* **ASSIGNMENT**:
The data below holds a line containing "#19426=VERTEX_POINT('',#19425);" and a line containing "#20027=EDGE_CURVE('',#20022,#10736,#20026,.T.);"; please quote exactly those two lines and every line between them, and nothing else.

[Stored entries]
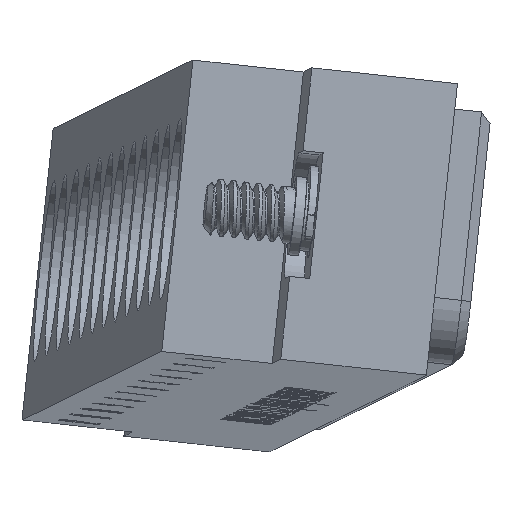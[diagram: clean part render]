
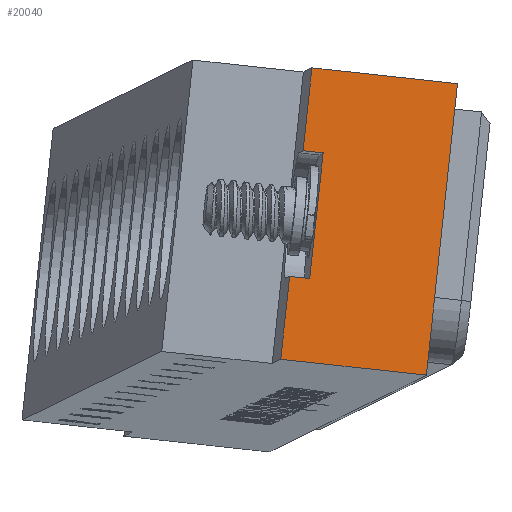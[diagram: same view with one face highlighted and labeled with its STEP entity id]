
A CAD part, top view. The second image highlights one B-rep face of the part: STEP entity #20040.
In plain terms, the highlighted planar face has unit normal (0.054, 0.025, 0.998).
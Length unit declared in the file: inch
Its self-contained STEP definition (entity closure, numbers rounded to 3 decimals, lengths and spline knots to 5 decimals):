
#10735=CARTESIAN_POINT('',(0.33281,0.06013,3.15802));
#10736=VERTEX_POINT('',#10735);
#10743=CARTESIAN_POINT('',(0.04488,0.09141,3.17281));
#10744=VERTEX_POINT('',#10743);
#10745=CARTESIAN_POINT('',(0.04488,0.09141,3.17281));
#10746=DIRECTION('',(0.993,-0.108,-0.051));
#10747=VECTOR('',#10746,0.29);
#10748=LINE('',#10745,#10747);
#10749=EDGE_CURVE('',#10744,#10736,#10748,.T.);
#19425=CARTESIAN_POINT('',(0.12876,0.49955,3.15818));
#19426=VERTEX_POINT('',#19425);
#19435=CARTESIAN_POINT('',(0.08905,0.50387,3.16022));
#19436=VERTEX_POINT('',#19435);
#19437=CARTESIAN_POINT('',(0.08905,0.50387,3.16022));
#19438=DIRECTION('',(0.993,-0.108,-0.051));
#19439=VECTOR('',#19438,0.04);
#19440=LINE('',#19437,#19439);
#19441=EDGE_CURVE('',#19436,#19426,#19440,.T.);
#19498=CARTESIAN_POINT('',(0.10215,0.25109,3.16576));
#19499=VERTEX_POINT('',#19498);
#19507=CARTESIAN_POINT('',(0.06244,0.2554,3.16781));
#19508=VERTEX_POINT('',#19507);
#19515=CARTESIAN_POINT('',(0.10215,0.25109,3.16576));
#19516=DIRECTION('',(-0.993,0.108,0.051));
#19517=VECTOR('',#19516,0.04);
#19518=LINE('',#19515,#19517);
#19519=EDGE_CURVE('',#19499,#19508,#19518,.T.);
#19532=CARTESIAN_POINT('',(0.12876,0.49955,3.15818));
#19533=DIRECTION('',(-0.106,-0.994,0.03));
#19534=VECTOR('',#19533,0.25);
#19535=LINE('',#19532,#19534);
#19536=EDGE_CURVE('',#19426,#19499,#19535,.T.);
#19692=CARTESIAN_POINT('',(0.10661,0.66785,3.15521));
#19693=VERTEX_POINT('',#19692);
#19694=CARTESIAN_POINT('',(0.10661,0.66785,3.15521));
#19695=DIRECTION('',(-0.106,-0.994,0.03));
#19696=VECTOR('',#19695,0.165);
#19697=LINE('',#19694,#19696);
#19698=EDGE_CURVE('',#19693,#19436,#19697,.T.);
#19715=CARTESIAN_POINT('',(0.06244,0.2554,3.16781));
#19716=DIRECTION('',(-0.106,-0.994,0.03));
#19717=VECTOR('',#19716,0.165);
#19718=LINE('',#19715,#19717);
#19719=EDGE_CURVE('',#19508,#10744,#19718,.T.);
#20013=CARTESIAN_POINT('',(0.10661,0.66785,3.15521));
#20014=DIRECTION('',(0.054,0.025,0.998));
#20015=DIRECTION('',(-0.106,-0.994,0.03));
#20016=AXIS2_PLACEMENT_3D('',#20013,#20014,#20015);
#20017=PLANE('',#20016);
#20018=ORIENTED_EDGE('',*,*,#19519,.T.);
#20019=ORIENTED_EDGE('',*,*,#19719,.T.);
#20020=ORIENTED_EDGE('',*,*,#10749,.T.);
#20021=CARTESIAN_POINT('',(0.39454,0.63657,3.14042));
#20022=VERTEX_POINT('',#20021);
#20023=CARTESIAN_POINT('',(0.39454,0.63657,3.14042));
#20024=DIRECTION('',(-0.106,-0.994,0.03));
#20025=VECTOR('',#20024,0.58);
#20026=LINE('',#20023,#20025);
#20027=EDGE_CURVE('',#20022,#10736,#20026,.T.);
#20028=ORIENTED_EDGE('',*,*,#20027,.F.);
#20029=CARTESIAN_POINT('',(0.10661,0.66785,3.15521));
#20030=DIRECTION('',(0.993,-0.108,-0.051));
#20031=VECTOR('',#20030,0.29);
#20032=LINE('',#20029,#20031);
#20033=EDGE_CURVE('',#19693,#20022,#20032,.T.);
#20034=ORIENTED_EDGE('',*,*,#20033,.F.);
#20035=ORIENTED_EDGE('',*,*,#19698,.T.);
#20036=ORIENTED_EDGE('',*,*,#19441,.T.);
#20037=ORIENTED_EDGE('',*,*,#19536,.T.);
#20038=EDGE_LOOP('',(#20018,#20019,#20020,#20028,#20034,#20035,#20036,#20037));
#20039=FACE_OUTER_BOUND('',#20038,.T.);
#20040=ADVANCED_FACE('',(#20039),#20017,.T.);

* **ANSWER TO THE EXERCISE**:
#19426=VERTEX_POINT('',#19425);
#19435=CARTESIAN_POINT('',(0.08905,0.50387,3.16022));
#19436=VERTEX_POINT('',#19435);
#19437=CARTESIAN_POINT('',(0.08905,0.50387,3.16022));
#19438=DIRECTION('',(0.993,-0.108,-0.051));
#19439=VECTOR('',#19438,0.04);
#19440=LINE('',#19437,#19439);
#19441=EDGE_CURVE('',#19436,#19426,#19440,.T.);
#19498=CARTESIAN_POINT('',(0.10215,0.25109,3.16576));
#19499=VERTEX_POINT('',#19498);
#19507=CARTESIAN_POINT('',(0.06244,0.2554,3.16781));
#19508=VERTEX_POINT('',#19507);
#19515=CARTESIAN_POINT('',(0.10215,0.25109,3.16576));
#19516=DIRECTION('',(-0.993,0.108,0.051));
#19517=VECTOR('',#19516,0.04);
#19518=LINE('',#19515,#19517);
#19519=EDGE_CURVE('',#19499,#19508,#19518,.T.);
#19532=CARTESIAN_POINT('',(0.12876,0.49955,3.15818));
#19533=DIRECTION('',(-0.106,-0.994,0.03));
#19534=VECTOR('',#19533,0.25);
#19535=LINE('',#19532,#19534);
#19536=EDGE_CURVE('',#19426,#19499,#19535,.T.);
#19692=CARTESIAN_POINT('',(0.10661,0.66785,3.15521));
#19693=VERTEX_POINT('',#19692);
#19694=CARTESIAN_POINT('',(0.10661,0.66785,3.15521));
#19695=DIRECTION('',(-0.106,-0.994,0.03));
#19696=VECTOR('',#19695,0.165);
#19697=LINE('',#19694,#19696);
#19698=EDGE_CURVE('',#19693,#19436,#19697,.T.);
#19715=CARTESIAN_POINT('',(0.06244,0.2554,3.16781));
#19716=DIRECTION('',(-0.106,-0.994,0.03));
#19717=VECTOR('',#19716,0.165);
#19718=LINE('',#19715,#19717);
#19719=EDGE_CURVE('',#19508,#10744,#19718,.T.);
#20013=CARTESIAN_POINT('',(0.10661,0.66785,3.15521));
#20014=DIRECTION('',(0.054,0.025,0.998));
#20015=DIRECTION('',(-0.106,-0.994,0.03));
#20016=AXIS2_PLACEMENT_3D('',#20013,#20014,#20015);
#20017=PLANE('',#20016);
#20018=ORIENTED_EDGE('',*,*,#19519,.T.);
#20019=ORIENTED_EDGE('',*,*,#19719,.T.);
#20020=ORIENTED_EDGE('',*,*,#10749,.T.);
#20021=CARTESIAN_POINT('',(0.39454,0.63657,3.14042));
#20022=VERTEX_POINT('',#20021);
#20023=CARTESIAN_POINT('',(0.39454,0.63657,3.14042));
#20024=DIRECTION('',(-0.106,-0.994,0.03));
#20025=VECTOR('',#20024,0.58);
#20026=LINE('',#20023,#20025);
#20027=EDGE_CURVE('',#20022,#10736,#20026,.T.);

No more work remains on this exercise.